Immawan berharap, penerbitan surat edaran tersebut tidak dikaitkan dengan persoalan politik ataupun radikalisme agama. Sebab, berdasarkan informasi yang diterimanya, surat edaran tersebut tak berkait dengan hal-hal itu.
”Mungkin dia (Kepala SDN Karantengah III) membuat aturan itu karena kebetulan di SDN Karangtengah III itu muridnya Muslim semua. Jadi, kalau dikaitkan dengan radikalisme, itu kejauhan,” ujar Immawan.
Ke depan, Immawan juga mengingatkan agar semua pihak di Gunung Kidul untuk memperhatikan prinsip kesetaraan saat membuat aturan yang bersifat publik. ”Ketika membuat peraturan yang bersifat publik, prinsip-prinsip kesetaraan, penghormatan kepada semua kelompok, dan keterbukaan harus dijunjung tinggi,” ungkapnya.
Ketika membuat peraturan yang bersifat publik, prinsip-prinsip kesetaraan, penghormatan kepada semua kelompok, dan keterbukaan harus dijunjung tinggi.
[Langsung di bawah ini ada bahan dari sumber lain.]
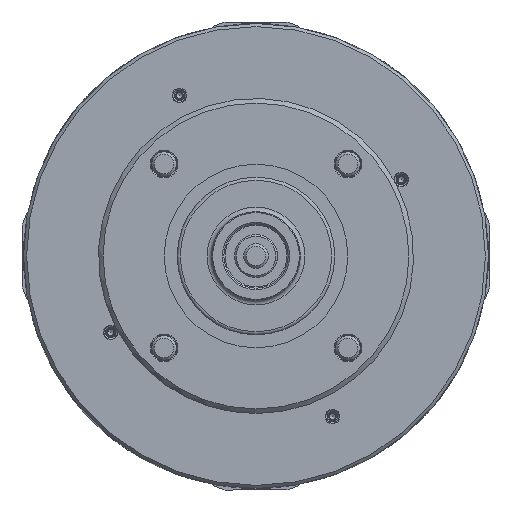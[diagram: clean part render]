
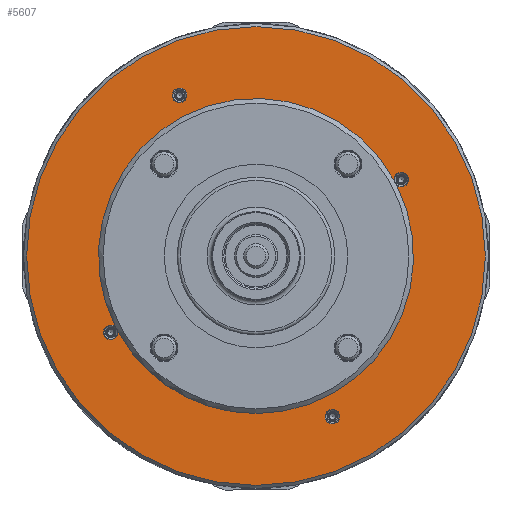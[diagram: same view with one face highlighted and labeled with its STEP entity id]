
A CAD part, left-side view. The second image highlights one B-rep face of the part: STEP entity #5607.
In plain terms, the highlighted planar face has unit normal (-1, 0, 0).
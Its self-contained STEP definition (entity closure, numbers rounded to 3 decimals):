
#554 = VERTEX_POINT ( 'NONE', #1114 ) ;
#1114 = CARTESIAN_POINT ( 'NONE',  ( -107., 50., 100.25 ) ) ;
#3277 = CIRCLE ( 'NONE', #17665, 4.75 ) ;
#5144 = VERTEX_POINT ( 'NONE', #59979 ) ;
#5228 = CARTESIAN_POINT ( 'NONE',  ( -107., 95., -50. ) ) ;
#5607 = ADVANCED_FACE ( 'NONE', ( #22036, #31634, #20949, #37900 ), #48030, .F. ) ;
#7376 = AXIS2_PLACEMENT_3D ( 'NONE', #100500, #12501, #64427 ) ;
#9212 = CARTESIAN_POINT ( 'NONE',  ( -107., -91.997, 46.319 ) ) ;
#10321 = CARTESIAN_POINT ( 'NONE',  ( -107., 0., 0. ) ) ;
#11173 = EDGE_CURVE ( 'NONE', #5144, #40032, #3277, .T. ) ;
#12501 = DIRECTION ( 'NONE',  ( 1., 0., 0. ) ) ;
#16309 = EDGE_LOOP ( 'NONE', ( #51611 ) ) ;
#17665 = AXIS2_PLACEMENT_3D ( 'NONE', #5228, #30030, #99461 ) ;
#18009 = DIRECTION ( 'NONE',  ( 1., 0., 0. ) ) ;
#20717 = DIRECTION ( 'NONE',  ( 1., 0., 0. ) ) ;
#20949 = FACE_OUTER_BOUND ( 'NONE', #93644, .T. ) ;
#22036 = FACE_BOUND ( 'NONE', #81152, .T. ) ;
#23313 = CIRCLE ( 'NONE', #70202, 103. ) ;
#23620 = DIRECTION ( 'NONE',  ( 0., 0., -1. ) ) ;
#24517 = CARTESIAN_POINT ( 'NONE',  ( -107., -50., -109.75 ) ) ;
#27226 = DIRECTION ( 'NONE',  ( 1., 0., 0. ) ) ;
#28644 = CARTESIAN_POINT ( 'NONE',  ( -107., -50., -105. ) ) ;
#30030 = DIRECTION ( 'NONE',  ( 1., 0., 0. ) ) ;
#31634 = FACE_BOUND ( 'NONE', #16309, .T. ) ;
#31862 = CARTESIAN_POINT ( 'NONE',  ( -107., 91.997, -46.319 ) ) ;
#32834 = AXIS2_PLACEMENT_3D ( 'NONE', #106229, #72929, #23620 ) ;
#34465 = CARTESIAN_POINT ( 'NONE',  ( -107., -90.266, 49.609 ) ) ;
#36571 = DIRECTION ( 'NONE',  ( 0., 0., -1. ) ) ;
#37900 = FACE_BOUND ( 'NONE', #89195, .T. ) ;
#40032 = VERTEX_POINT ( 'NONE', #31862 ) ;
#41863 = CIRCLE ( 'NONE', #32834, 4.75 ) ;
#43254 = VERTEX_POINT ( 'NONE', #9212 ) ;
#44427 = ORIENTED_EDGE ( 'NONE', *, *, #11173, .T. ) ;
#45113 = EDGE_CURVE ( 'NONE', #101846, #101846, #72454, .T. ) ;
#46653 = CIRCLE ( 'NONE', #88165, 150. ) ;
#48030 = PLANE ( 'NONE',  #7376 ) ;
#51228 = DIRECTION ( 'NONE',  ( 1., 0., 0. ) ) ;
#51611 = ORIENTED_EDGE ( 'NONE', *, *, #88785, .T. ) ;
#53622 = EDGE_CURVE ( 'NONE', #107402, #43254, #41863, .T. ) ;
#53762 = DIRECTION ( 'NONE',  ( 0., 0., -1. ) ) ;
#54304 = AXIS2_PLACEMENT_3D ( 'NONE', #85643, #51228, #83413 ) ;
#56148 = AXIS2_PLACEMENT_3D ( 'NONE', #28644, #20717, #36571 ) ;
#59979 = CARTESIAN_POINT ( 'NONE',  ( -107., 90.266, -49.609 ) ) ;
#64427 = DIRECTION ( 'NONE',  ( 0., 0., -1. ) ) ;
#64431 = EDGE_CURVE ( 'NONE', #40032, #107402, #84289, .T. ) ;
#65023 = ORIENTED_EDGE ( 'NONE', *, *, #45113, .T. ) ;
#66148 = ORIENTED_EDGE ( 'NONE', *, *, #53622, .T. ) ;
#67733 = VERTEX_POINT ( 'NONE', #110016 ) ;
#69049 = EDGE_CURVE ( 'NONE', #67733, #67733, #46653, .T. ) ;
#69326 = EDGE_CURVE ( 'NONE', #43254, #5144, #23313, .T. ) ;
#69904 = AXIS2_PLACEMENT_3D ( 'NONE', #102136, #18009, #95895 ) ;
#70103 = ORIENTED_EDGE ( 'NONE', *, *, #64431, .T. ) ;
#70202 = AXIS2_PLACEMENT_3D ( 'NONE', #108956, #95390, #87491 ) ;
#71656 = ORIENTED_EDGE ( 'NONE', *, *, #69049, .F. ) ;
#72454 = CIRCLE ( 'NONE', #56148, 4.75 ) ;
#72929 = DIRECTION ( 'NONE',  ( 1., 0., 0. ) ) ;
#81152 = EDGE_LOOP ( 'NONE', ( #65023 ) ) ;
#83413 = DIRECTION ( 'NONE',  ( 0., 0., -1. ) ) ;
#84289 = CIRCLE ( 'NONE', #69904, 103. ) ;
#85643 = CARTESIAN_POINT ( 'NONE',  ( -107., 50., 105. ) ) ;
#87491 = DIRECTION ( 'NONE',  ( 0., 0., -1. ) ) ;
#88165 = AXIS2_PLACEMENT_3D ( 'NONE', #10321, #27226, #53762 ) ;
#88785 = EDGE_CURVE ( 'NONE', #554, #554, #90350, .T. ) ;
#89195 = EDGE_LOOP ( 'NONE', ( #93781, #44427, #70103, #66148 ) ) ;
#90350 = CIRCLE ( 'NONE', #54304, 4.75 ) ;
#93644 = EDGE_LOOP ( 'NONE', ( #71656 ) ) ;
#93781 = ORIENTED_EDGE ( 'NONE', *, *, #69326, .T. ) ;
#95390 = DIRECTION ( 'NONE',  ( 1., 0., 0. ) ) ;
#95895 = DIRECTION ( 'NONE',  ( 0., 0., -1. ) ) ;
#99461 = DIRECTION ( 'NONE',  ( 0., 0., -1. ) ) ;
#100500 = CARTESIAN_POINT ( 'NONE',  ( -107., -103., 0. ) ) ;
#101846 = VERTEX_POINT ( 'NONE', #24517 ) ;
#102136 = CARTESIAN_POINT ( 'NONE',  ( -107., 0., 0. ) ) ;
#106229 = CARTESIAN_POINT ( 'NONE',  ( -107., -95., 50. ) ) ;
#107402 = VERTEX_POINT ( 'NONE', #34465 ) ;
#108956 = CARTESIAN_POINT ( 'NONE',  ( -107., 0., 0. ) ) ;
#110016 = CARTESIAN_POINT ( 'NONE',  ( -107., 0., -150. ) ) ;
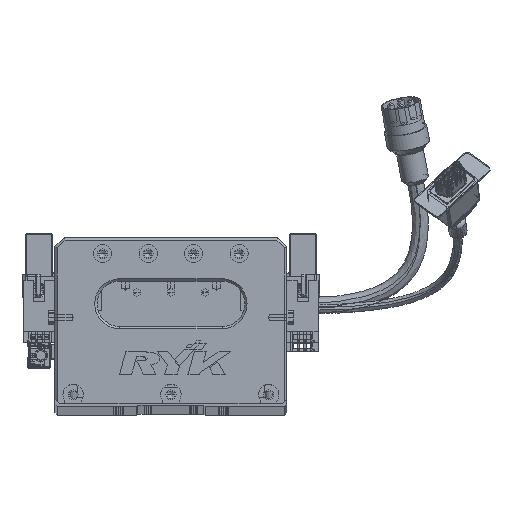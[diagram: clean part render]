
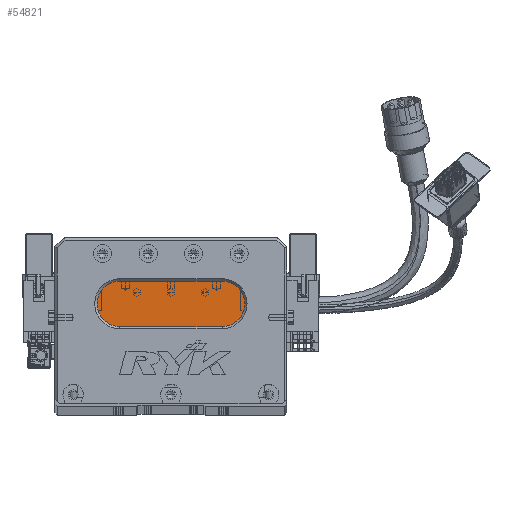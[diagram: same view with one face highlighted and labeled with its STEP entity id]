
A CAD part, top view. The second image highlights one B-rep face of the part: STEP entity #54821.
In plain terms, the highlighted planar face has unit normal (0, 0, 1) as drawn and (0, 0, -1) by its records, which use the part's own axes.
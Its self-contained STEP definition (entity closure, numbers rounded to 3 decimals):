
#9704 = AXIS2_PLACEMENT_3D ( 'NONE', #16686, #61622, #73959 ) ;
#12539 = EDGE_CURVE ( 'NONE', #37161, #15886, #13442, .T. ) ;
#13442 = CIRCLE ( 'NONE', #81756, 10. ) ;
#13834 = CARTESIAN_POINT ( 'NONE',  ( 73.5, 54., 13. ) ) ;
#14902 = DIRECTION ( 'NONE',  ( 0., 0., -1. ) ) ;
#15504 = EDGE_LOOP ( 'NONE', ( #39916, #37223, #41809, #18026, #45580 ) ) ;
#15886 = VERTEX_POINT ( 'NONE', #80198 ) ;
#16686 = CARTESIAN_POINT ( 'NONE',  ( 73.5, 44., 13. ) ) ;
#17700 = LINE ( 'NONE', #49426, #54916 ) ;
#18026 = ORIENTED_EDGE ( 'NONE', *, *, #12539, .T. ) ;
#19715 = CARTESIAN_POINT ( 'NONE',  ( 73.5, 54., 13. ) ) ;
#21430 = EDGE_CURVE ( 'NONE', #15886, #55578, #31375, .T. ) ;
#22872 = EDGE_CURVE ( 'NONE', #55578, #73025, #47288, .T. ) ;
#29433 = DIRECTION ( 'NONE',  ( 0., 0., -1. ) ) ;
#30146 = DIRECTION ( 'NONE',  ( 0., 0., -1. ) ) ;
#31188 = CIRCLE ( 'NONE', #65905, 10. ) ;
#31375 = LINE ( 'NONE', #19715, #44379 ) ;
#33461 = PLANE ( 'NONE',  #38119 ) ;
#34582 = EDGE_CURVE ( 'NONE', #73025, #52506, #17700, .T. ) ;
#35497 = CARTESIAN_POINT ( 'NONE',  ( 28.5, 44., 13. ) ) ;
#37161 = VERTEX_POINT ( 'NONE', #75075 ) ;
#37223 = ORIENTED_EDGE ( 'NONE', *, *, #34582, .T. ) ;
#38119 = AXIS2_PLACEMENT_3D ( 'NONE', #80040, #14902, #60664 ) ;
#39916 = ORIENTED_EDGE ( 'NONE', *, *, #22872, .T. ) ;
#41809 = ORIENTED_EDGE ( 'NONE', *, *, #51821, .T. ) ;
#44379 = VECTOR ( 'NONE', #76743, 1000. ) ;
#45580 = ORIENTED_EDGE ( 'NONE', *, *, #21430, .T. ) ;
#47288 = CIRCLE ( 'NONE', #9704, 10. ) ;
#48476 = CARTESIAN_POINT ( 'NONE',  ( 73.5, 34., 13. ) ) ;
#48531 = CARTESIAN_POINT ( 'NONE',  ( 28.5, 34., 13. ) ) ;
#48732 = FACE_OUTER_BOUND ( 'NONE', #15504, .T. ) ;
#49426 = CARTESIAN_POINT ( 'NONE',  ( 73.5, 34., 13. ) ) ;
#51821 = EDGE_CURVE ( 'NONE', #52506, #37161, #31188, .T. ) ;
#52506 = VERTEX_POINT ( 'NONE', #48531 ) ;
#54821 = ADVANCED_FACE ( 'NONE', ( #48732 ), #33461, .T. ) ;
#54916 = VECTOR ( 'NONE', #75534, 1000. ) ;
#55578 = VERTEX_POINT ( 'NONE', #13834 ) ;
#60664 = DIRECTION ( 'NONE',  ( -1., 0., 0. ) ) ;
#61622 = DIRECTION ( 'NONE',  ( 0., 0., -1. ) ) ;
#65905 = AXIS2_PLACEMENT_3D ( 'NONE', #35497, #30146, #75039 ) ;
#73025 = VERTEX_POINT ( 'NONE', #48476 ) ;
#73781 = DIRECTION ( 'NONE',  ( -1., 0., 0. ) ) ;
#73959 = DIRECTION ( 'NONE',  ( -1., 0., 0. ) ) ;
#75039 = DIRECTION ( 'NONE',  ( -1., 0., 0. ) ) ;
#75075 = CARTESIAN_POINT ( 'NONE',  ( 18.5, 44., 13. ) ) ;
#75534 = DIRECTION ( 'NONE',  ( -1., 0., 0. ) ) ;
#76743 = DIRECTION ( 'NONE',  ( 1., 0., 0. ) ) ;
#80040 = CARTESIAN_POINT ( 'NONE',  ( 73.5, 44., 13. ) ) ;
#80198 = CARTESIAN_POINT ( 'NONE',  ( 28.5, 54., 13. ) ) ;
#80823 = CARTESIAN_POINT ( 'NONE',  ( 28.5, 44., 13. ) ) ;
#81756 = AXIS2_PLACEMENT_3D ( 'NONE', #80823, #29433, #73781 ) ;

Sebelumnya, Kepala SDN Karangtengah III Pujiastuti menuturkan, pembuatan surat edaran itu berawal dari pertemuan pihak sekolah dan wali murid beberapa waktu lalu. Dalam pertemuan itu, pihak sekolah menyarankan para murid memakai seragam berupa busana muslim untuk memudahkan siswa-siswi saat menjalankan shalat di sekolah.
Menurut Pujiastuti, para wali murid menyetujui saran tersebut. Namun, mereka meminta pergantian seragam dilakukan secara bertahap. ”Kami sarankan untuk memakai pakaian panjang (busana muslim) supaya pada saat mengerjakan ibadah itu tidak ribet. Sampai hari ini, tidak ada wali murid yang bilang ke saya merasa keberatan,” tuturnya.
Namun, setelah muncul kontroversi, surat tersebut akhirnya direvisi. Pujiastuti pun mengakui adanya kesalahan dalam pembuatan surat edaran itu. ”Kami mengakui ada kesalahan. Saya sudah membuat surat pembetulan,” ungkapnya.